Please return exactly the lines from the top of the data through the line that contains "doc.units = 0", and skip all pictures.

[EXERCISE DATA]
++++++++++
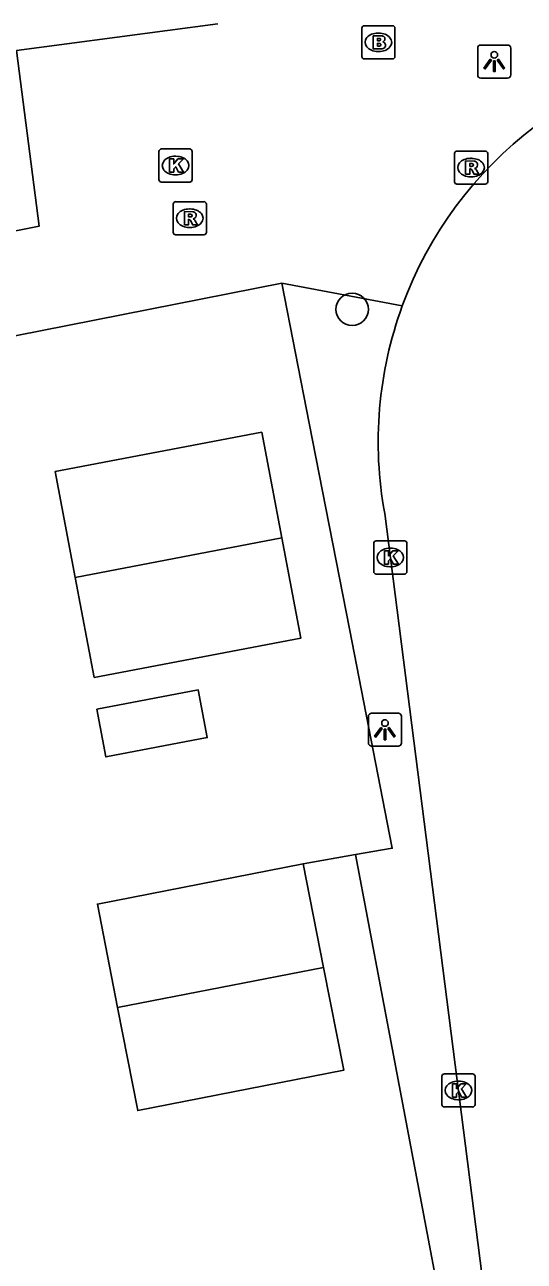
# Model space of a CAD drawing. Extents: x 158474 to 159560, y 388525 to 389605.
# Drawn here: x 159285.1 to 159300.16, y 388954.85 to 388992.17 of the extents above; entities that cross this region are included whole.
import ezdxf

# ---------------------------------------------------------------- set-up
doc = ezdxf.new("R2010")
doc.units = 0
for name, color, linetype in [('IMGEO_Boom', 7, 'Continuous'), ('IMGEO_Brandkraan', 7, 'Continuous'), ('IMGEO_Hek', 7, 'Continuous'), ('IMGEO_Kolk', 7, 'Continuous'), ('IMGEO_Lichtpunt', 7, 'Continuous'), ('IMGEO_Muur', 7, 'Continuous'), ('IMGEO_Pand', 7, 'Continuous'), ('IMGEO_Rijbaan_lokaal_open', 7, 'Continuous'), ('IMGEO_Rioolput', 7, 'Continuous'), ('IMGEO_Voetpad_open', 7, 'Continuous')]:
    doc.layers.add(name, color=color, linetype=linetype)

msp = doc.modelspace()

# ---------------------------------------------------------------- linework, layer by layer
at = {"layer": 'IMGEO_Boom'}
msp.add_circle((159294.972, 388983.578), 0.489, dxfattribs=at)
at = {"layer": 'IMGEO_Brandkraan'}
for p, q in [((159295.263, 388991.212), (159295.263, 388992.064)), ((159295.338, 388992.138), (159296.19, 388992.138)), ((159295.751, 388991.918), (159295.776, 388991.918)), ((159296.264, 388992.064), (159296.264, 388991.212)), ((159296.19, 388991.138), (159295.338, 388991.138)), ((159295.774, 388991.358), (159295.749, 388991.358))]:
    msp.add_line(p, q, dxfattribs=at)
for points in [[(159295.263, 388991.212), (159295.263, 388992.064)], [(159295.338, 388992.138), (159296.19, 388992.138)], [(159296.264, 388992.064), (159296.264, 388991.212)], [(159295.611, 388991.838), (159295.611, 388991.438), (159295.824, 388991.438)], [(159295.842, 388991.838), (159295.611, 388991.838)], [(159295.79, 388991.757), (159295.736, 388991.757), (159295.736, 388991.681)], [(159295.736, 388991.681), (159295.789, 388991.681)], [(159295.798, 388991.605), (159295.736, 388991.605), (159295.736, 388991.524)], [(159295.736, 388991.524), (159295.798, 388991.524)], [(159296.19, 388991.138), (159295.338, 388991.138)]]:
    msp.add_lwpolyline(points, dxfattribs=at)
for centre, radius, start, end in [((159295.34, 388992.062), 0.0765, 91.552, 178.448), ((159295.34, 388992.062), 0.0765, 91.552, 178.448), ((159296.188, 388992.062), 0.0765, 1.552, 88.448), ((159296.188, 388992.062), 0.0765, 1.552, 88.448), ((159295.791, 388991.719), 0.0379, 267.8285, 90.9355), ((159295.799, 388991.564), 0.0404, 269.8759, 90.5077), ((159295.846, 388991.693), 0.145, 59.4692, 91.5367), ((159295.871, 388991.74), 0.0922, 285.5137, 58.1501), ((159295.876, 388991.548), 0.105, 301.3115, 78.989), ((159295.34, 388991.214), 0.0765, 181.552, 268.448), ((159295.34, 388991.214), 0.0765, 181.552, 268.448), ((159295.83, 388991.689), 0.251, 268.6676, 293.5347), ((159296.188, 388991.214), 0.0765, 271.552, 358.448), ((159296.188, 388991.214), 0.0765, 271.552, 358.448)]:
    msp.add_arc(centre, radius, start, end, dxfattribs=at)
for centre, major_axis, ratio, start_param, end_param in [((159295.75, 388991.638), (-0.387, 0.002), 0.722429, 4.712389, 7.853982), ((159295.775, 388991.638), (-0.39, 0.002), 0.717154, 1.570796, 4.712389)]:
    msp.add_ellipse(centre, major_axis=major_axis, ratio=ratio, start_param=start_param, end_param=end_param, dxfattribs=at)
at = {"layer": 'IMGEO_Hek'}
msp.add_lwpolyline([(159294.891, 388973.933), (159295.396, 388971.348)], dxfattribs=at)
at = {"layer": 'IMGEO_Kolk'}
for p, q in [((159289.144, 388987.493), (159289.144, 388988.345)), ((159289.219, 388988.419), (159290.071, 388988.419)), ((159289.632, 388988.199), (159289.657, 388988.199)), ((159290.145, 388988.345), (159290.145, 388987.493)), ((159290.071, 388987.419), (159289.219, 388987.419)), ((159289.655, 388987.639), (159289.63, 388987.639)), ((159295.698, 388976.589), (159296.55, 388976.589)), ((159295.623, 388975.663), (159295.623, 388976.515)), ((159296.111, 388976.369), (159296.136, 388976.369)), ((159296.624, 388976.515), (159296.624, 388975.663)), ((159296.55, 388975.589), (159295.698, 388975.589)), ((159296.134, 388975.809), (159296.109, 388975.809)), ((159297.679, 388959.578), (159297.679, 388960.43)), ((159297.754, 388960.504), (159298.606, 388960.504)), ((159298.167, 388960.284), (159298.192, 388960.284)), ((159298.68, 388960.43), (159298.68, 388959.578)), ((159298.606, 388959.504), (159297.754, 388959.504)), ((159298.19, 388959.724), (159298.165, 388959.724))]:
    msp.add_line(p, q, dxfattribs=at)
for points in [[(159289.144, 388987.493), (159289.144, 388988.345)], [(159289.219, 388988.419), (159290.071, 388988.419)], [(159290.145, 388988.345), (159290.145, 388987.493)], [(159289.465, 388988.119), (159289.588, 388988.119), (159289.588, 388987.968), (159289.718, 388988.119), (159289.882, 388988.119), (159289.736, 388987.968), (159289.889, 388987.719), (159289.737, 388987.719), (159289.652, 388987.883), (159289.588, 388987.816), (159289.588, 388987.719), (159289.465, 388987.719), (159289.465, 388988.119)], [(159290.071, 388987.419), (159289.219, 388987.419)], [(159295.698, 388976.589), (159296.55, 388976.589)], [(159295.623, 388975.663), (159295.623, 388976.515)], [(159295.944, 388976.289), (159296.067, 388976.289), (159296.067, 388976.138), (159296.197, 388976.289), (159296.361, 388976.289), (159296.215, 388976.138), (159296.368, 388975.889), (159296.216, 388975.889), (159296.131, 388976.053), (159296.067, 388975.986), (159296.067, 388975.889), (159295.944, 388975.889), (159295.944, 388976.289)], [(159296.624, 388976.515), (159296.624, 388975.663)], [(159296.55, 388975.589), (159295.698, 388975.589)], [(159297.679, 388959.578), (159297.679, 388960.43)], [(159297.754, 388960.504), (159298.606, 388960.504)], [(159298, 388960.204), (159298.123, 388960.204), (159298.123, 388960.053), (159298.253, 388960.204), (159298.417, 388960.204), (159298.271, 388960.053), (159298.424, 388959.804), (159298.272, 388959.804), (159298.187, 388959.968), (159298.123, 388959.901), (159298.123, 388959.804), (159298, 388959.804), (159298, 388960.204)], [(159298.68, 388960.43), (159298.68, 388959.578)], [(159298.606, 388959.504), (159297.754, 388959.504)]]:
    msp.add_lwpolyline(points, dxfattribs=at)
for centre, start, end in [((159289.221, 388988.343), 91.552, 178.448), ((159289.221, 388988.343), 91.552, 178.448), ((159290.069, 388988.343), 1.552, 88.448), ((159290.069, 388988.343), 1.552, 88.448), ((159289.221, 388987.495), 181.552, 268.448), ((159289.221, 388987.495), 181.552, 268.448), ((159290.069, 388987.495), 271.552, 358.448), ((159290.069, 388987.495), 271.552, 358.448), ((159295.7, 388976.513), 91.552, 178.448), ((159295.7, 388976.513), 91.552, 178.448), ((159296.548, 388976.513), 1.552, 88.448), ((159296.548, 388976.513), 1.552, 88.448), ((159295.7, 388975.665), 181.552, 268.448), ((159295.7, 388975.665), 181.552, 268.448), ((159296.548, 388975.665), 271.552, 358.448), ((159296.548, 388975.665), 271.552, 358.448), ((159297.756, 388960.428), 91.552, 178.448), ((159297.756, 388960.428), 91.552, 178.448), ((159298.604, 388960.428), 1.552, 88.448), ((159298.604, 388960.428), 1.552, 88.448), ((159297.756, 388959.58), 181.552, 268.448), ((159297.756, 388959.58), 181.552, 268.448), ((159298.604, 388959.58), 271.552, 358.448), ((159298.604, 388959.58), 271.552, 358.448)]:
    msp.add_arc(centre, 0.0765, start, end, dxfattribs=at)
for centre, major_axis, ratio, start_param, end_param in [((159289.631, 388987.919), (-0.387, 0.002), 0.722429, 4.712389, 7.853982), ((159289.656, 388987.919), (-0.39, 0.002), 0.717154, 1.570796, 4.712389), ((159296.11, 388976.089), (-0.387, 0.002), 0.722429, 4.712389, 7.853982), ((159296.135, 388976.089), (-0.39, 0.002), 0.717154, 1.570796, 4.712389), ((159298.166, 388960.004), (-0.387, 0.002), 0.722429, 4.712389, 7.853982), ((159298.191, 388960.004), (-0.39, 0.002), 0.717154, 1.570796, 4.712389)]:
    msp.add_ellipse(centre, major_axis=major_axis, ratio=ratio, start_param=start_param, end_param=end_param, dxfattribs=at)
at = {"layer": 'IMGEO_Lichtpunt'}
for p, q in [((159299.664, 388991.556), (159298.856, 388991.556)), ((159299.664, 388991.556), (159298.856, 388991.556)), ((159298.762, 388991.461), (159298.762, 388990.654)), ((159298.762, 388991.461), (159298.762, 388990.654)), ((159299.758, 388990.654), (159299.758, 388991.461)), ((159299.758, 388990.654), (159299.758, 388991.461)), ((159298.856, 388990.56), (159299.664, 388990.56)), ((159298.856, 388990.56), (159299.664, 388990.56)), ((159296.366, 388971.39), (159295.558, 388971.39)), ((159296.366, 388971.39), (159295.558, 388971.39)), ((159295.464, 388971.295), (159295.464, 388970.488)), ((159295.464, 388971.295), (159295.464, 388970.488)), ((159296.46, 388970.488), (159296.46, 388971.295)), ((159296.46, 388970.488), (159296.46, 388971.295)), ((159295.558, 388970.394), (159296.366, 388970.394)), ((159295.558, 388970.394), (159296.366, 388970.394))]:
    msp.add_line(p, q, dxfattribs=at)
for points in [[(159299.136, 388991.125), (159299.175, 388991.097), (159298.987, 388990.835), (159298.949, 388990.862), (159299.136, 388991.125)], [(159299.348, 388991.097), (159299.386, 388991.124), (159299.573, 388990.862), (159299.534, 388990.834), (159299.348, 388991.097)], [(159299.238, 388991.077), (159299.285, 388991.077), (159299.285, 388990.755), (159299.238, 388990.755), (159299.238, 388991.077)], [(159295.838, 388970.959), (159295.877, 388970.931), (159295.689, 388970.669), (159295.651, 388970.696), (159295.838, 388970.959)], [(159295.94, 388970.911), (159295.987, 388970.911), (159295.987, 388970.589), (159295.94, 388970.589), (159295.94, 388970.911)], [(159296.05, 388970.931), (159296.088, 388970.958), (159296.275, 388970.696), (159296.236, 388970.668), (159296.05, 388970.931)]]:
    msp.add_lwpolyline(points, dxfattribs=at)
for centre in [(159299.261, 388991.259), (159295.963, 388971.093)]:
    msp.add_circle(centre, 0.0994, dxfattribs=at)
for centre, start, end in [((159298.856, 388991.461), 90, 180), ((159298.856, 388991.461), 90, 180), ((159299.664, 388991.461), 0, 90), ((159299.664, 388991.461), 0, 90), ((159298.856, 388990.654), 180, 270), ((159298.856, 388990.654), 180, 270), ((159299.664, 388990.654), 270, 0), ((159299.664, 388990.654), 270, 360), ((159295.558, 388971.295), 90, 180), ((159295.558, 388971.295), 90, 180), ((159296.366, 388971.295), 0, 90), ((159296.366, 388971.295), 0, 90), ((159295.558, 388970.488), 180, 270), ((159295.558, 388970.488), 180, 270), ((159296.366, 388970.488), 270, 0), ((159296.366, 388970.488), 270, 360)]:
    msp.add_arc(centre, 0.0946, start, end, dxfattribs=at)
at = {"layer": 'IMGEO_Muur'}
for points in [[(159296.184, 388967.314), (159295.396, 388971.348)], [(159296.184, 388967.314), (159295.075, 388967.12)], [(159295.075, 388967.12), (159293.499, 388966.844)], [(159296.25, 388960.912), (159297.66, 388953.458)]]:
    msp.add_lwpolyline(points, dxfattribs=at)
at = {"layer": 'IMGEO_Pand'}
for points in [[(159286.619, 388975.481), (159286.011, 388978.683), (159292.247, 388979.869), (159292.852, 388976.683)], [(159292.852, 388976.683), (159293.428, 388973.655), (159287.192, 388972.469), (159286.619, 388975.481)], [(159286.619, 388975.481), (159292.852, 388976.683)], [(159287.272, 388971.512), (159290.328, 388972.094), (159290.602, 388970.653), (159287.546, 388970.072), (159287.272, 388971.512)], [(159287.897, 388962.505), (159287.286, 388965.629), (159293.499, 388966.844), (159294.112, 388963.712)], [(159294.112, 388963.712), (159294.718, 388960.612), (159288.504, 388959.397), (159287.897, 388962.505)], [(159294.112, 388963.712), (159287.897, 388962.505)]]:
    msp.add_lwpolyline(points, dxfattribs=at)
at = {"layer": 'IMGEO_Rijbaan_lokaal_open'}
for points in [[(159284.851, 388991.395), (159290.925, 388992.198)], [(159298.957, 388953.914), (159295.954, 388977.418)]]:
    msp.add_lwpolyline(points, dxfattribs=at)
for centre, radius, start, end in [((159307.718, 388979.573), 11.96, 94.571, 159.9125), ((159307.713, 388979.573), 11.955, 159.903, 190.3865)]:
    msp.add_arc(centre, radius, start, end, dxfattribs=at)
at = {"layer": 'IMGEO_Rioolput'}
for p, q in [((159298.06, 388987.43), (159298.06, 388988.282)), ((159298.135, 388988.356), (159298.987, 388988.356)), ((159298.548, 388988.136), (159298.573, 388988.136)), ((159299.061, 388988.282), (159299.061, 388987.43)), ((159298.571, 388987.576), (159298.546, 388987.576)), ((159298.987, 388987.356), (159298.135, 388987.356)), ((159289.573, 388985.902), (159289.573, 388986.754)), ((159289.648, 388986.828), (159290.5, 388986.828)), ((159290.574, 388986.754), (159290.574, 388985.902)), ((159290.061, 388986.608), (159290.086, 388986.608)), ((159290.084, 388986.048), (159290.059, 388986.048)), ((159290.5, 388985.828), (159289.648, 388985.828))]:
    msp.add_line(p, q, dxfattribs=at)
for points in [[(159298.06, 388987.43), (159298.06, 388988.282)], [(159298.135, 388988.356), (159298.987, 388988.356)], [(159299.061, 388988.282), (159299.061, 388987.43)], [(159298.649, 388988.054), (159298.397, 388988.056), (159298.397, 388987.656)], [(159298.397, 388987.656), (159298.521, 388987.656), (159298.521, 388987.818), (159298.532, 388987.818)], [(159298.575, 388987.975), (159298.521, 388987.975), (159298.521, 388987.894)], [(159298.521, 388987.894), (159298.573, 388987.894)], [(159298.579, 388987.789), (159298.65, 388987.656), (159298.79, 388987.656), (159298.725, 388987.782)], [(159298.987, 388987.356), (159298.135, 388987.356)], [(159289.573, 388985.902), (159289.573, 388986.754)], [(159289.648, 388986.828), (159290.5, 388986.828)], [(159290.574, 388986.754), (159290.574, 388985.902)], [(159290.162, 388986.526), (159289.91, 388986.528), (159289.91, 388986.128)], [(159289.91, 388986.128), (159290.034, 388986.128), (159290.034, 388986.29), (159290.045, 388986.29)], [(159290.088, 388986.447), (159290.034, 388986.447), (159290.034, 388986.366)], [(159290.034, 388986.366), (159290.086, 388986.366)], [(159290.092, 388986.261), (159290.163, 388986.128), (159290.303, 388986.128), (159290.238, 388986.254)], [(159290.5, 388985.828), (159289.648, 388985.828)]]:
    msp.add_lwpolyline(points, dxfattribs=at)
for centre, radius, start, end in [((159298.137, 388988.28), 0.0765, 91.552, 178.448), ((159298.137, 388988.28), 0.0765, 91.552, 178.448), ((159298.985, 388988.28), 0.0765, 1.552, 88.448), ((159298.985, 388988.28), 0.0765, 1.552, 88.448), ((159298.531, 388987.765), 0.0533, 26.0293, 88.6989), ((159298.557, 388988.083), 0.19, 274.7715, 282.9687), ((159298.581, 388987.879), 0.0964, 77.0061, 93.1865), ((159298.595, 388987.936), 0.0378, 276.6634, 79.6772), ((159298.648, 388987.944), 0.109, 350.3612, 89.416), ((159298.646, 388987.944), 0.112, 277.5842, 350.9817), ((159298.63, 388987.729), 0.108, 29.5134, 73.7905), ((159298.137, 388987.432), 0.0765, 181.552, 268.448), ((159298.137, 388987.432), 0.0765, 181.552, 268.448), ((159298.985, 388987.432), 0.0765, 271.552, 358.448), ((159298.985, 388987.432), 0.0765, 271.552, 358.448), ((159289.65, 388986.752), 0.0765, 91.552, 178.448), ((159289.65, 388986.752), 0.0765, 91.552, 178.448), ((159290.498, 388986.752), 0.0765, 1.552, 88.448), ((159290.498, 388986.752), 0.0765, 1.552, 88.448), ((159290.044, 388986.237), 0.0533, 26.0293, 88.6989), ((159290.07, 388986.555), 0.19, 274.7715, 282.9687), ((159290.094, 388986.351), 0.0964, 77.0061, 93.1865), ((159290.108, 388986.408), 0.0378, 276.6634, 79.6772), ((159290.161, 388986.416), 0.109, 350.3612, 89.416), ((159290.159, 388986.416), 0.112, 277.5842, 350.9817), ((159290.143, 388986.201), 0.108, 29.5134, 73.7905), ((159289.65, 388985.904), 0.0765, 181.552, 268.448), ((159289.65, 388985.904), 0.0765, 181.552, 268.448), ((159290.498, 388985.904), 0.0765, 271.552, 358.448), ((159290.498, 388985.904), 0.0765, 271.552, 358.448)]:
    msp.add_arc(centre, radius, start, end, dxfattribs=at)
for centre, major_axis, ratio, start_param, end_param in [((159298.547, 388987.856), (-0.387, 0.002), 0.722429, 4.712389, 7.853982), ((159298.572, 388987.856), (-0.39, 0.002), 0.717154, 1.570796, 4.712389), ((159290.06, 388986.328), (-0.387, 0.002), 0.722429, 4.712389, 7.853982), ((159290.085, 388986.328), (-0.39, 0.002), 0.717154, 1.570796, 4.712389)]:
    msp.add_ellipse(centre, major_axis=major_axis, ratio=ratio, start_param=start_param, end_param=end_param, dxfattribs=at)
at = {"layer": 'IMGEO_Voetpad_open'}
for points in [[(159271.233, 388983.248), (159285.529, 388986.084), (159284.851, 388991.395)], [(159292.853, 388984.37), (159271.963, 388980.24)], [(159295.328, 388936.881), (159295.673, 388938.164), (159297.885, 388946.363), (159296.352, 388953.162), (159297.66, 388953.458), (159296.25, 388960.912), (159295.075, 388967.12), (159296.184, 388967.314), (159295.396, 388971.348), (159294.891, 388973.933), (159293.679, 388980.141), (159292.853, 388984.37)], [(159296.486, 388983.681), (159292.853, 388984.37)]]:
    msp.add_lwpolyline(points, dxfattribs=at)

doc.saveas('drawing.dxf')
++++++++++
[RESPONSE TO THIS TASK]
# Model space of a CAD drawing. Extents: x 158474 to 159560, y 388525 to 389605.
# Drawn here: x 159285.1 to 159300.16, y 388954.85 to 388992.17 of the extents above; entities that cross this region are included whole.
import ezdxf

# ---------------------------------------------------------------- set-up
doc = ezdxf.new("R2010")
doc.units = 0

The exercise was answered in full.